I try to point out risks I believe most people do not want to see or cannot see because they don’t fit the norm by which people construct their perception of reality. I am accustomed, therefore, to being scoffed at because I am out of step with the thinking of the time, and the majority must be right … as must the experts.
Presently, the scoffing has been over my brazen claim that recession is already on our doorstep. I’ll lay out the evidence for the recession that is invisibly surrounding us in my next article — just as it was when Ben Bernanke infamously claimed there was no recession anywhere in sight after the Great Recession had already begun. The greatest experts, it turns out, can miss seeing the greatest recessions even when they are standing knee-deep in the middle of one because the recession doesn’t fit the way they are accustomed to seeing reality. Before I lay out the evidence of recession, however, I want to dig away at the economic misconceptions involved in the scoffing.

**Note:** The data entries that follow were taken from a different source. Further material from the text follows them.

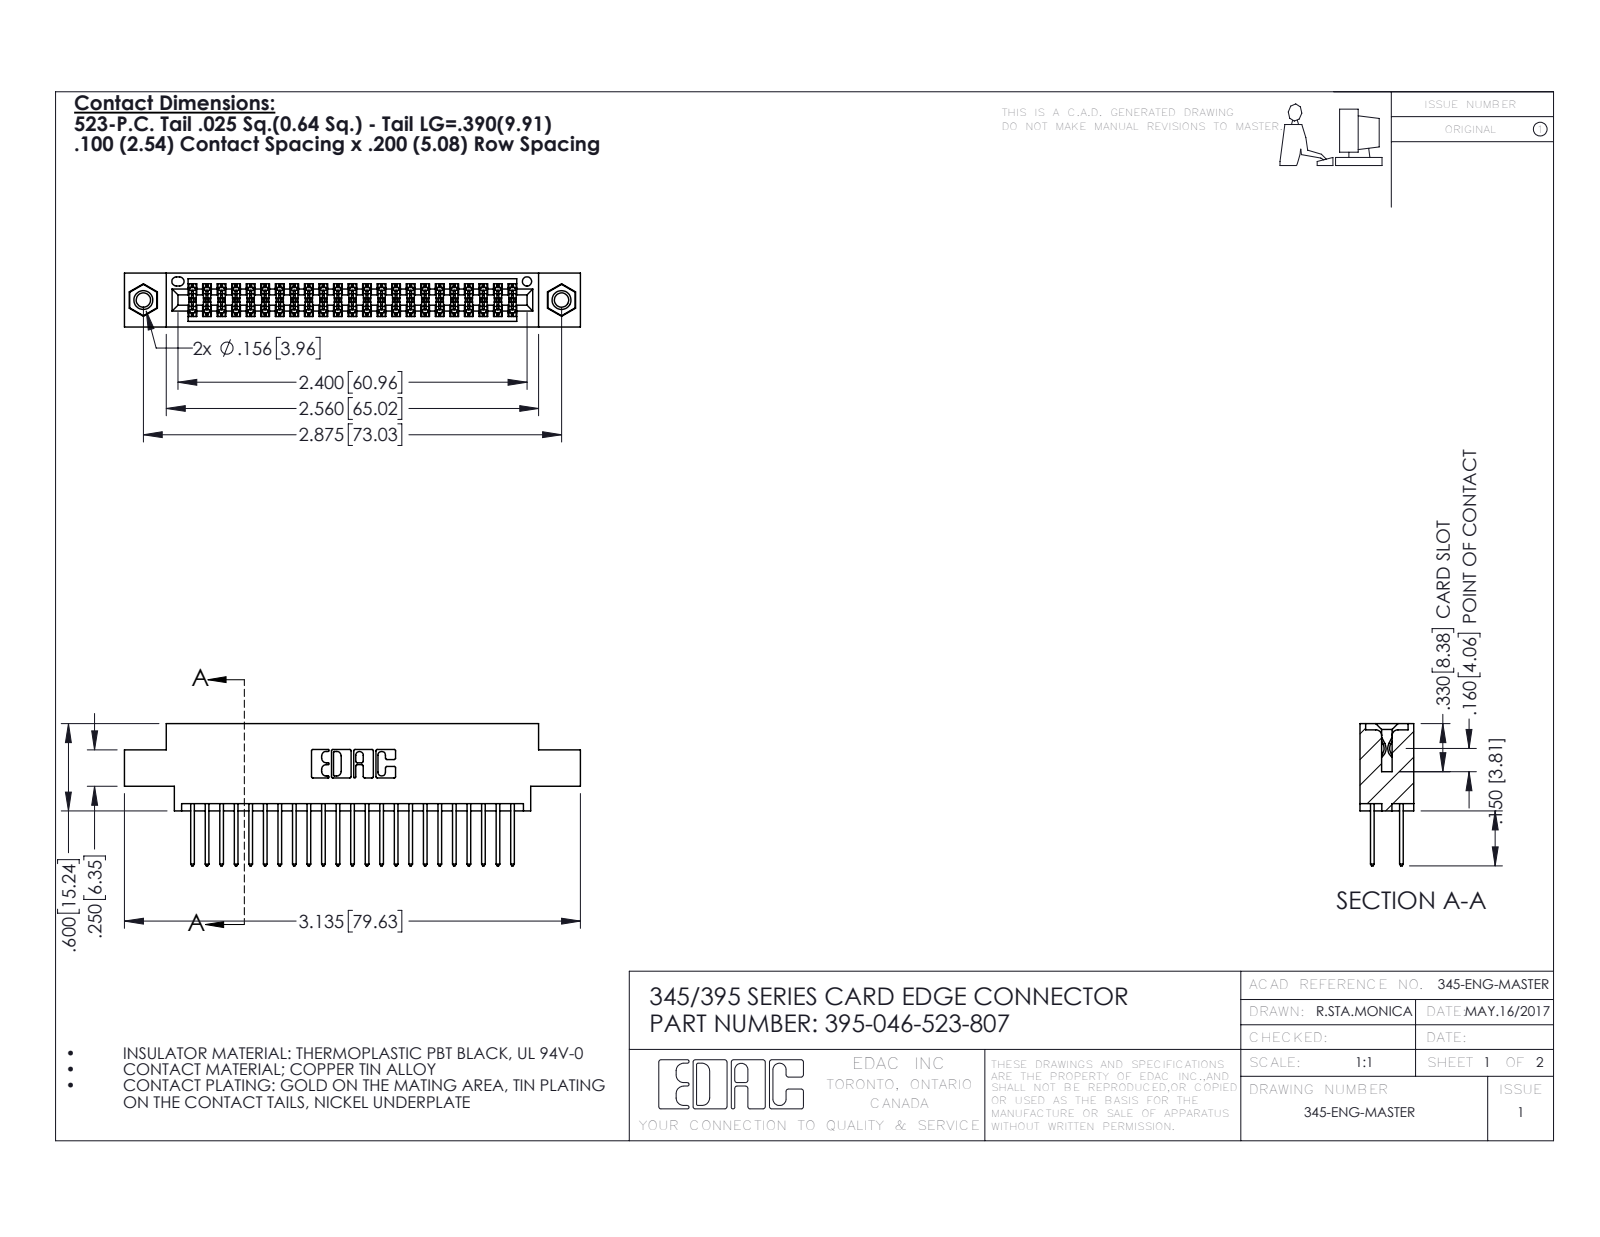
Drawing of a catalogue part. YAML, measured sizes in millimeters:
part_name: "345 Part_0.170 Offset - 0.156 Dia-TI; 395-046-523-807; 345-292-001_345-293-123; 345-250-001_345-250-005-103"
step_written_by: "SolidWorks 2016 (CONFIG_CONTROL_DESIGN)"
units: millimeters
bodies: {solids: 49, faces: 2490, planar: 1634, cylindrical: 840, other: 16}
overall_size: [79.6, 24.8, 9.4]
volume: 7520
surface_area: 11350
round_holes:
  - {diameter: 2.5, count: 2}
  - {diameter: 3.2, count: 2}
  - {diameter: 4, count: 2}
  - {diameter: 1.6, count: 1}
round_bosses_or_shafts:
  - {diameter: 3.9, count: 2}
partial_cylinders:
  - {radius: 0.2, count: 69}
  - {radius: 0.3, count: 46}
  - {radius: 0.3, count: 22}
  - {radius: 0.2, count: 6}
  - {radius: 0.8, count: 6}
  - {radius: 0.7, count: 3}
  - {radius: 0.4, count: 2}
  - {radius: 0.5, count: 2}
face_to_face_distances: [1.8, 7.6, 5.1, 2.5, 6.9, 0.6, 9.4, 5.7, 4.4, 3.8]
hole_center_spacings: [6.9, 67.1, 73]
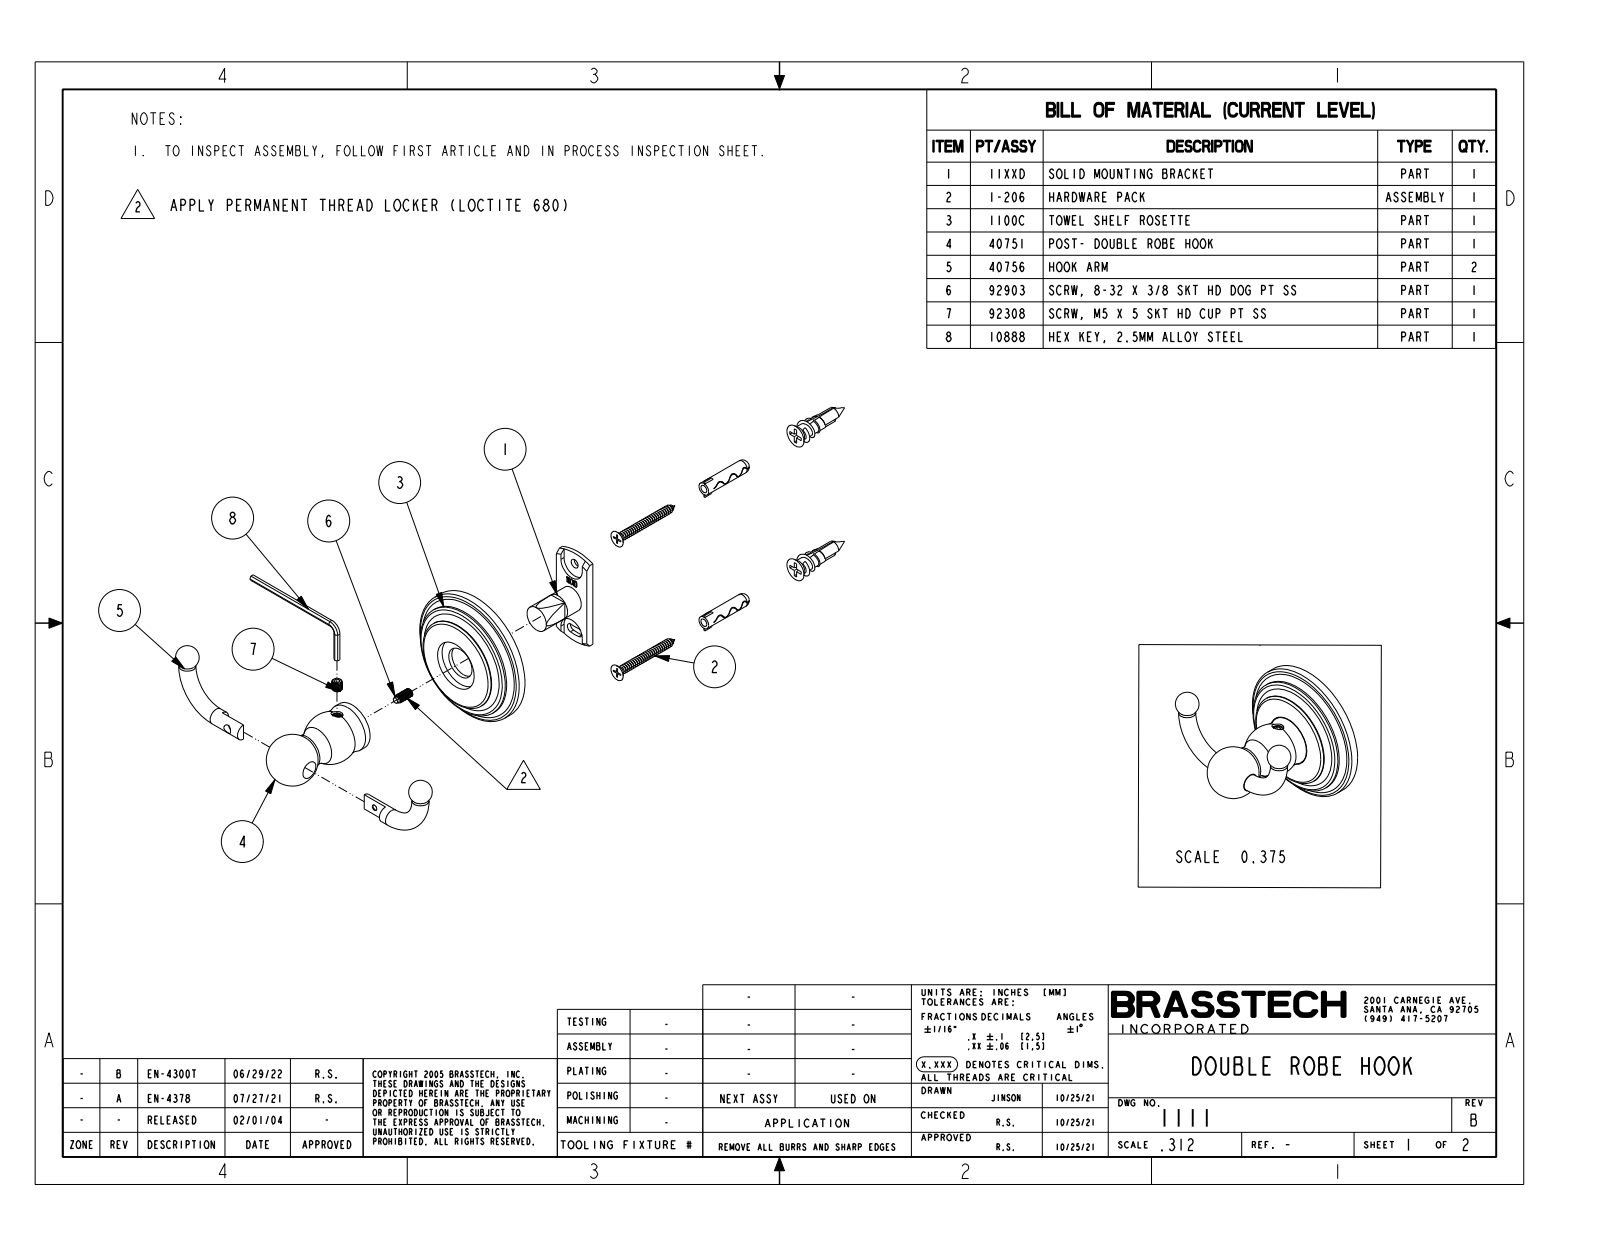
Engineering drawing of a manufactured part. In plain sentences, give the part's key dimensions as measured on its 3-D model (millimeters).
The part is named "1111". Its 3-D file was written by "CREO PARAMETRIC BY PTC INC, 2018400 (AUTOMOTIVE_DESIGN)". It is 1 solid with 42 faces: 4 planar, 10 cylindrical and 28 other. Overall it measures 71.5 by 65 by 61.5 millimeters. Its volume is 53 910 cubic millimeters and its surface area 13 520 square millimeters. Round bosses or shafts: 2 of diameter 8, 1 of diameter 65, 1 of diameter 55.4, 1 of diameter 44.4. The main face-to-face distances are 13, 9.2, 3.8, 4.8, 4.4, 8.2.

Scoffers line up to caw like crows on a wire
The scoffing is based, in good part, on the idea that a recession is not even possible when consumers are sitting on wheel barrows full of cash with 10-million job openings at 3.9% unemployment. That is normal thinking applied to utterly abnormal times in which consumers actually brought spending forward to lay in supplies for bad times and are now hunkering down.
More on that in my next article, but one must get their heads outside of normal to understand abnormal, and these times are about as abnormal as they get. So, if you apply normal ways of understanding, you are going to seriously misunderstand your situation.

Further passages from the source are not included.